▶ [ABOUT THIS TASK]: When the line containing "Lines and regions (mm)" is found in the data below, copy it and each line after it through the line containing "line (-161, 0)", exactly and with no others.

/---

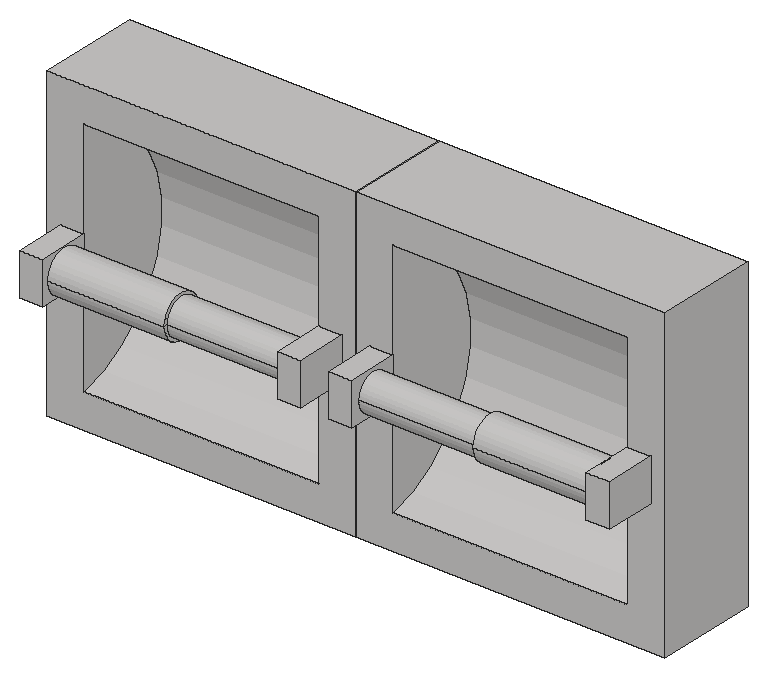
Revit family "Toilet Roll Dispenser_Metlam_Double_Surface Mounted", category Specialty Equipment, Revit 2016
Family settings
  Part Type = Normal
  Round Connector Dimension = Use Diameter
  OmniClass Number = 23.40.20.21.21
  OmniClass Title = Toilet Paper Dispensers
  Work Plane-Based = No
  Always vertical = Yes
  Cut with Voids When Loaded = No
  Shared = No
  Room Calculation Point = Yes
Parameters (values of type "322w x 83d x 161h (ML262SM_S)")
  URL = "http://www.metlam.com.au/"
  Type Comments = "Toilet Roll Dispensers"  # constant formula
  Model = "ML262SM_S"
  Material_ANZRS = z_Metlam_Metal_Stainless Steel_Satin
  Manufacturer_URL__Product Specific = "https://www.metlam.com.au/product/content/toilet-roll-dispensers/ML262SM_S"
  Manufacturer_Spec Code = Model  # "ML262SM_S"
  Manufacturer_Overall Width = 322 mm  # constant formula
  Manufacturer_Overall Height = 161 mm  # constant formula
  Manufacturer_Overall Depth = 83 mm  # constant formula
  Manufacturer_Height From FFL [instance] = 585 mm
  Manufacturer = "Metlam"  # constant formula
  Description = "Double Toilet Roll Holder"  # constant formula
  CreatedBy_ANZRS = "IGS BIM Solutions"  # constant formula
  CreatedByURL_ANZRS = "http://www.igsgroup.com.au/"
  Assembly Code = ""
Reference planes
  plane 1 "Back": y = 0
  plane 2 "Ref. Level": z = 0
  plane 3 "Center (Left/Right)": x = 0
  plane 4 "Right": x = 161
  plane 5 "Left": x = -161
  plane 6 "Wall Mount_Front": y = -54
  plane 7 "Top": z = 665.5
  plane 8 "Bottom": z = 504.5
  plane 9 "Mounting Height": z = 585
  plane 10 "Front": y = -83
Forms (mm)
  Extrusion 1, solid, material "z_Metlam_Metal_Stainless Steel_Satin" <- "Material_ANZRS"
    sketch origin (-80.5, 0, -20) x (1, 0, 0) y (0, 0, 1)
      loop
        line (-80.5, 685.5) -> (-80.5, 524.5) -> (80.5, 524.5) -> (80.5, 685.5) -> (-80.5, 685.5)
    from 0 to 54
  Revolve 2, solid, material "z_Metlam_Metal_Stainless Steel_Satin" <- "Material_ANZRS"
    sketch origin (80.5, -1524, 585) x (-1, 0, 0) y (0, -1, 0)
      loop
        line (222.115, -1456.68) -> (222.115, -1445.68) -> (161, -1445.68) -> (161, -1447.18) -> (99.885, -1447.18) -> (99.885, -1456.68) -> (222.115, -1456.68)
      axis (222.115, -1456.68) -> (99.885, -1456.68)
    angle from 0 to 360
  Extrusion 3, solid, material "z_Metlam_Metal_Stainless Steel_Satin" <- "Material_ANZRS"
    sketch origin (-80.5, 0, 0) x (0, 1, 0) y (0, 0, 1)
      loop
        line (-54, 596) -> (-81, 596) -> (-81, 574) -> (-54, 574) -> (-54, 596)
    from 61.115 to 73.125
  Extrusion 4, solid, material "z_Metlam_Metal_Stainless Steel_Satin" <- "Material_ANZRS"
    sketch origin (-80.5, 0, 0) x (0, 1, 0) y (0, 0, -1)
      loop
        line (-54, -596) -> (-54, -574) -> (-81, -574) -> (-81, -596) -> (-54, -596)
    from 61.115 to 73.125
  Extrusion 5, void
    sketch origin (-80.5, 0, 0) x (0, 1, 0) y (0, 0, 1)
      loop
        arc (-54, 522.518) -> (-3.854, 585) -> (-54, 647.482) r 64
        line (-54, 647.482) -> (-54, 522.518)
    from -61.115 to 61.115
  Extrusion 6, solid, material "z_Metlam_Metal_Stainless Steel_Satin" <- "Material_ANZRS"
    sketch origin (80.5, 0, -20) x (-1, 0, 0) y (0, 0, -1)
      loop
        line (-80.5, -685.5) -> (80.5, -685.5) -> (80.5, -524.5) -> (-80.5, -524.5) -> (-80.5, -685.5)
    from 0 to 54
  Revolve 7, solid, material "z_Metlam_Metal_Stainless Steel_Satin" <- "Material_ANZRS"
    sketch origin (80.5, -1524, 585) x (-1, 0, 0) y (0, -1, 0)
      loop
        line (-61.115, -1456.68) -> (61.115, -1456.68) -> (61.115, -1447.18) -> (0, -1447.18) -> (0, -1445.68) -> (-61.115, -1445.68) -> (-61.115, -1456.68)
      axis (-61.115, -1456.68) -> (61.115, -1456.68)
    angle from 0 to 360
  Extrusion 8, solid, material "z_Metlam_Metal_Stainless Steel_Satin" <- "Material_ANZRS"
    sketch origin (80.5, 0, 0) x (0, 1, 0) y (0, 0, -1)
      loop
        line (-54, -596) -> (-54, -574) -> (-81, -574) -> (-81, -596) -> (-54, -596)
    from 61.115 to 73.125
  Extrusion 9, solid, material "z_Metlam_Metal_Stainless Steel_Satin" <- "Material_ANZRS"
    sketch origin (80.5, 0, 0) x (0, 1, 0) y (0, 0, 1)
      loop
        line (-54, 596) -> (-81, 596) -> (-81, 574) -> (-54, 574) -> (-54, 596)
    from 61.115 to 73.125
  Extrusion 10, void
    sketch origin (80.5, 0, 0) x (0, 1, 0) y (0, 0, -1)
      loop
        line (-54, -522.518) -> (-54, -647.482)
        arc (-54, -647.482) -> (-3.854, -585) -> (-54, -522.518) r 64
    from -61.115 to 61.115
Cuts and joins
  Extrusion 5 cuts Extrusion 1
  Extrusion 10 cuts Extrusion 6
Lines and regions (mm)
  Masking region 1
    outline origin (0, 0, 0) x (1, 0, 0) y (0, 1, 0)
      loop
        line (-161, 0) -> (-161, -54) -> (-153.625, -54) -> (-153.625, -83) -> (-141.615, -83) -> (-141.615, -80.32) -> (-19.385, -80.32) -> (-19.385, -83) -> (-7.375, -83) -> (-7.375, -54) -> (7.375, -54) -> (7.375, -83) -> (19.385, -83) -> (19.385, -80.32) -> (141.615, -80.32) -> (141.615, -83) -> (153.625, -83) -> (153.625, -54) -> (161, -54) -> (161, 0) -> (-161, 0)
  symbolic lines, style "Bathroom Fixtures", detail levels medium+fine
    curve 1: line (-153.625, -54, 0) -> (153.625, -54, 0)
    curve 2: line (141.615, -80.32, 0) -> (141.615, -54, 0)
    curve 3: line (19.385, -80.32, 0) -> (19.385, -54, 0)
    curve 4: line (-19.385, -80.32, 0) -> (-19.385, -54, 0)
    curve 5: line (-141.615, -80.32, 0) -> (-141.615, -54, 0)
Text (mm)
  text "> Contact Manufacturer to confirm feasibility of design variations outside the scope of this Revit Family\n\n\n\nDisclaimer:\n\nDue to ongoing product development and manufacturing evolution, product details are subject to change without notice. Please refer to product technical data sheets on the manufacturer’s website for the most current product information. Please allow a +/- 5mm manufacturing tolerance for dimensions and set-outs shown in product literature." at (289.305, 92.606, 0), in view "Ref. Level_Instruction"
Dimensions and locks
  "Manufacturer_Overall Height": plane 7 "Top" to plane 8 "Bottom"
  "Manufacturer_Overall Width": plane 5 "Left" to plane 4 "Right"
  "Manufacturer_Height From FFL": level to plane 9 "Mounting Height"
  locked: plane 10 "Front" to plane 6 "Wall Mount_Front" at 29
  "Manufacturer_Overall Depth": plane 10 "Front" to plane 1 "Back"
  equal spacing: plane 7 "Top", plane 9 "Mounting Height", plane 8 "Bottom"
  aligned and locked: plane 2 "Ref. Level" to level
  aligned and locked: plane 6 "Wall Mount_Front" to Extrusion 1
  aligned and locked: plane 6 "Wall Mount_Front" to cut or joined group of Extrusion 6, Extrusion 10
Automatic sketch dimensions
  Extrusion 1 sketch curve to plane 5 "Left" = 0 mm
  Extrusion 1 sketch curve to plane 3 "Center (Left/Right)" = 0 mm
  Extrusion 1 sketch curve to plane 8 "Bottom" = 0 mm
  Extrusion 1 sketch curve to plane 7 "Top" = 0 mm
  Revolve 2 sketch curve to plane 3 "Center (Left/Right)" = 19.385 mm
  plane 6 "Wall Mount_Front" to Revolve 2 sketch curve = 13.32 mm  (x2)
  Revolve 2 sketch curve to Revolve 2 sketch curve = 57.131 mm
  Revolve 2 sketch curve to Revolve 2 sketch curve = 3.984 mm
  Revolve 2 sketch curve to Revolve 2 sketch curve = 17.5 mm
  plane 5 "Left" to Revolve 2 sketch curve = 19.385 mm
  Revolve 2 sketch curve to Revolve 2 sketch curve = 9.5 mm
  Revolve 2 sketch curve to Revolve 2 sketch curve = 1.5 mm
  Extrusion 3 sketch curve to plane 6 "Wall Mount_Front" = 0 mm
  Extrusion 3 sketch curve to plane 9 "Mounting Height" = 11 mm
  Extrusion 3 sketch curve to Extrusion 3 sketch curve = 27 mm
  plane 9 "Mounting Height" to Extrusion 3 sketch curve = 11 mm
  Extrusion 4 sketch curve to plane 6 "Wall Mount_Front" = 0 mm
  Extrusion 4 sketch curve to plane 9 "Mounting Height" = 11 mm
  Extrusion 4 sketch curve to Extrusion 4 sketch curve = 27 mm
  plane 9 "Mounting Height" to Extrusion 4 sketch curve = 11 mm
  Extrusion 5 sketch curve to plane 9 "Mounting Height" = 0 mm
  Extrusion 5 sketch curve to plane 6 "Wall Mount_Front" = 0 mm
  plane 6 "Wall Mount_Front" to Extrusion 5 sketch curve = 13.854 mm
  Extrusion 5 sketch curve to plane 8 "Bottom" = 18.018 mm
  plane 4 "Right" to Extrusion 6 sketch curve = 0 mm
  Extrusion 6 sketch curve to plane 3 "Center (Left/Right)" = 0 mm
  Extrusion 6 sketch curve to plane 7 "Top" = 0 mm
  Extrusion 6 sketch curve to plane 8 "Bottom" = 0 mm
  plane 4 "Right" to Revolve 7 sketch curve = 19.385 mm
  plane 6 "Wall Mount_Front" to Revolve 7 sketch curve = 13.32 mm  (x2)
  Revolve 7 sketch curve to Revolve 7 sketch curve = 43.615 mm
  Revolve 7 sketch curve to Revolve 7 sketch curve = 17.5 mm
  Revolve 7 sketch curve to Revolve 7 sketch curve = 3.984 mm
  plane 3 "Center (Left/Right)" to Revolve 7 sketch curve = 19.385 mm
  Revolve 7 sketch curve to Revolve 7 sketch curve = 9.5 mm
  Revolve 7 sketch curve to Revolve 7 sketch curve = 1.5 mm
  Extrusion 8 sketch curve to plane 6 "Wall Mount_Front" = 0 mm
  Extrusion 8 sketch curve to plane 9 "Mounting Height" = 11 mm
  Extrusion 8 sketch curve to Extrusion 8 sketch curve = 27 mm
  plane 9 "Mounting Height" to Extrusion 8 sketch curve = 11 mm
  Extrusion 9 sketch curve to plane 6 "Wall Mount_Front" = 0 mm
  Extrusion 9 sketch curve to plane 9 "Mounting Height" = 11 mm
  Extrusion 9 sketch curve to Extrusion 9 sketch curve = 27 mm
  plane 9 "Mounting Height" to Extrusion 9 sketch curve = 11 mm
  Extrusion 10 sketch curve to plane 9 "Mounting Height" = 0 mm
  Extrusion 10 sketch curve to plane 6 "Wall Mount_Front" = 0 mm
  plane 6 "Wall Mount_Front" to Extrusion 10 sketch curve = 13.854 mm
  Extrusion 10 sketch curve to plane 7 "Top" = 18.018 mm
  Masking region 1 sketch curve to plane 5 "Left" = 0 mm
  plane 6 "Wall Mount_Front" to Masking region 1 sketch curve = 0 mm  (x3)
  plane 10 "Front" to Masking region 1 sketch curve = 0 mm  (x4)
  plane 1 "Back" to Masking region 1 sketch curve = 0 mm
  Masking region 1 sketch curve to plane 4 "Right" = 0 mm
  Masking region 1 sketch curve to Masking region 1 sketch curve = 7.375 mm  (x2)
  Masking region 1 sketch curve to Masking region 1 sketch curve = 12.01 mm  (x2)
  Masking region 1 sketch curve to plane 10 "Front" = 2.68 mm
  Masking region 1 sketch curve to plane 3 "Center (Left/Right)" = 19.385 mm
  Masking region 1 sketch curve to plane 3 "Center (Left/Right)" = 7.375 mm
  plane 3 "Center (Left/Right)" to Masking region 1 sketch curve = 7.375 mm
  plane 4 "Right" to Masking region 1 sketch curve = 19.385 mm
  Masking region 1 sketch curve to Masking region 1 sketch curve = 2.68 mm
  plane 6 "Wall Mount_Front" to curve 1 = 0 mm
  plane 5 "Left" to curve 1 = 7.375 mm
  curve 5 to plane 10 "Front" = 2.68 mm
  plane 5 "Left" to curve 5 = 19.385 mm
  curve 4 to plane 3 "Center (Left/Right)" = 19.385 mm
  curve 3 to plane 10 "Front" = 2.68 mm
  plane 3 "Center (Left/Right)" to curve 3 = 19.385 mm
  curve 2 to plane 10 "Front" = 2.68 mm
  plane 4 "Right" to curve 2 = 19.385 mm
  plane 4 "Right" to curve 1 = 7.375 mm
  curve 4 to plane 10 "Front" = 2.68 mm

\---

▶ [RESPONSE BELOW]:
Lines and regions (mm)
  Masking region 1
    outline origin (0, 0, 0) x (1, 0, 0) y (0, 1, 0)
      loop
        line (-161, 0) -> (-161, -54) -> (-153.625, -54) -> (-153.625, -83) -> (-141.615, -83) -> (-141.615, -80.32) -> (-19.385, -80.32) -> (-19.385, -83) -> (-7.375, -83) -> (-7.375, -54) -> (7.375, -54) -> (7.375, -83) -> (19.385, -83) -> (19.385, -80.32) -> (141.615, -80.32) -> (141.615, -83) -> (153.625, -83) -> (153.625, -54) -> (161, -54) -> (161, 0) -> (-161, 0)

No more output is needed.